Pavlovich v Superior Court[1]

The facts

Matthew Pavlovich, a student and resident of Indiana, was the founder and leader of a software project aimed at overcoming the encryption used to prevent the copying and unlicensed use of DVDs. This ‘LiVid’ project’s stated goal was to enable Linux systems to play DVDs without having to betray Linux’s free open source model of distribution.

In October 1999 Pavlovich posted the code to break the DVD encryption in plain text format on the LiVid website. At the time he acknowledged that he thought his reverse engineering of CSS encryption was probably illegal, and that he was aware there was a body that issued licences for the technology, but he did not know of the DVD Copy Control Association (DVDCCA), the California body which administered CSS on behalf of the motion picture industry. In fact, the DVDCCA did not begin operation until December 1999, two months after the posting.

The DVDCCA sued Pavlovich in 2000 in a California court for misappropriating trade secrets. Pavlovich moved to quash the service of process for lack of personal jurisdiction. The motion was denied in a lower court, but the California Supreme Court issued an order vacating the decision and required the court to give reasons for its terse dismissal. It did so, affirming its earlier decision, and the appeal soon returned to the Supreme Court. The court found in favour of Pavlovich by a narrow 4-3 majority, finding that California had no jurisdiction.

The decision

As the majority judgment explains, a Californian court can either claim general or specific jurisdiction over a defendant. General jurisdiction requires that the defendant have extensive and systematic contacts with the forum state, but the plaintiff can sue on a much wider range of actions. The DVD CCA sought to have Pavlovich haled into the California court based on specific jurisdiction. This requires, according to Brown J, that:

‘(1) the defendant has purposefully availed himself or herself of forum benefits’;
‘(2) the controversy is related to or arises out of the defendant’s contacts with the forum’; and
‘(3) the assertion of personal jurisdiction would comport with fair play and substantial justice’.[2]

The decision cited the Zippo v Zippo[3] case, which set one of the earliest benchmarks for Internet jurisdiction, saying that sites with little or no interaction with the user could not support the ‘purposeful availment’ prong of the test, while sites that knowingly made contracts with consumers with the exchange of several files were sites that could be haled into court wherever the user was located. The technical distinction that Judge McLaughlin made between ‘interactive’ and ‘passive’ sites in Zippo in 1997 would be sorely tested by a wide variety of content delivery methods common today but nevertheless the judge found that the DeCSS posting clearly fell into the non-interactive category. In doing so he also pointed to the lack of any evidence of a Californian actually visiting the site, and Pavlovich’s total lack of contacts with the state.

The larger part of the decision focused on the DVDCCA’s attempt to have the purposeful availment requirement satisfied by the ‘effects test’. The effects test was established by the US Supreme Court in 1988 in Calder v Jones,[4] where a California resident sued a Florida publication for defamation. The essential feature of the effects test is that the ‘brunt of the harm’ of the tortious act is felt in the forum state.
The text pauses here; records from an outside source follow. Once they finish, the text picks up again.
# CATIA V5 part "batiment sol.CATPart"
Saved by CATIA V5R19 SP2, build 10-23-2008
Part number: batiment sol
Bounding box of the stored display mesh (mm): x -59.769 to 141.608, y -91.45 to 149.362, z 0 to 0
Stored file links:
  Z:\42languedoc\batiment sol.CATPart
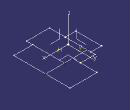
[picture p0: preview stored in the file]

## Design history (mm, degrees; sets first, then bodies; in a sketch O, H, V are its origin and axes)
AxisSystem1: origin (0, 0, 0), X (1, 0, 0), Y (0, 1, 0), Z (0, 0, 1)
Set1
  Sketch1 on XY plane of AxisSystem1, origin (0, 0, 0), H (1, 0, 0), V (0, 1, 0)
    line L1 (-19.3846, 69.0914) -> (-59.7693, 69.0914)
    line L2 (-59.7693, 69.0914) -> (-59.7693, -29.8724)
    line L3 (-59.7693, -29.8724) -> (-19.3846, -29.8724)
    line L4 (-19.3846, -29.8724) -> (-19.3846, 69.0914)
    point P5 (-19.3846, 85.5853)
    line L5 (-19.3846, 85.5853) -> (37.477, 85.5853)
    line L6 (37.477, 85.5853) -> (37.477, 54.7966)
    line L7 (37.477, 54.7966) -> (-19.3846, 54.7966)
    line L8 (-19.3846, 54.7966) -> (-19.3846, 85.5853)
    line L9 (-19.3846, 54.7966) -> (69.1385, 54.7966)
    line L10 (69.1385, 54.7966) -> (69.1385, -91.4498)
    line L11 (69.1385, -91.4498) -> (-19.3846, -91.4498)
    line L12 (-19.3846, -91.4498) -> (-19.3846, 54.7966)
    line L13 (37.477, 54.7966) -> (141.608, 54.7966)
    line L14 (141.608, 54.7966) -> (141.608, 149.362)
    line L15 (141.608, 149.362) -> (37.477, 149.362)
    line L16 (37.477, 149.362) -> (37.477, 54.7966)
    line L17 (141.608, 54.7966) -> (69.1385, 54.7966)
    line L18 (69.1385, 54.7966) -> (69.1385, -67.6252)
    line L19 (69.1385, -67.6252) -> (141.608, -67.6252)
    line L20 (141.608, -67.6252) -> (141.608, 54.7966)
    point P16 (69.1385, -67.6252)
    distance L1 L3 = 98.9638
    length L3 = 40.3847
    length L8 = 30.7887
    length L5 = 56.8616
    distance L18 L20 = 72.4695
    length L11 = 88.5232
    length L12 = 146.2464
    length L15 = 104.131 (reference)
    horizontal: L1 H, L3 H, L5 H, L7 H, L9 H, L11 H, L13 H, L15 H, L17 H, L19 H
    vertical: L2 V, L4 V, L6 V, L8 V, L10 V, L12 V, L14 V, L16 V, L18 V, L20 V
    coincidence: P5 L4, P16 L10
Body1 (main body)

However, this decision spends a great deal of time emphasising that the defendant’s actions must do more than to simply create a foreseeable prospect of harm in the forum state; the plaintiffs must be able to ‘point to specific activity indicating the defendant expressly aimed its tortious conduct at the forum’.[5] Brown J discusses the line of cases since Calder and cites a large number of authorities to support this proposition.

Since the DVDCCA only began operations 2 months after the code was posted to the LiViD site, the judge reasoned that the only basis for concluding Pavlovich ‘expressly aimed’ his conduct at California was the reasonably foreseeable possibility of harm to entertainment industries centred in California. Since the DVDCCA brought suit on misappropriating trade secrets, the judge questioned whether it would support jurisdiction under any circumstances. He nevertheless concluded that such contacts were not sufficient.

...the foreseeability that third parties may use DeCSS to harm the motion picture industry cannot, by itself, satisfy the express aiming requirement. Because nothing in the record suggests that Pavlovich encouraged Web site visitors to use DeCSS to illegally pirate copyrighted motion pictures, his mere ‘awareness’ that they might do so does not show purposeful availment.[6]

In a closing passage sure to be quoted by litigants disputing jurisdiction in future cases, Brown J says that a finding for the DVDCCA would mean that ‘plaintiffs connected to the auto industry could sue any defendant in Michigan, plaintiffs connected to the financial industry could sue any defendant in New York, and plaintiffs connected to the potato industry could sue any defendant in Idaho.’[7]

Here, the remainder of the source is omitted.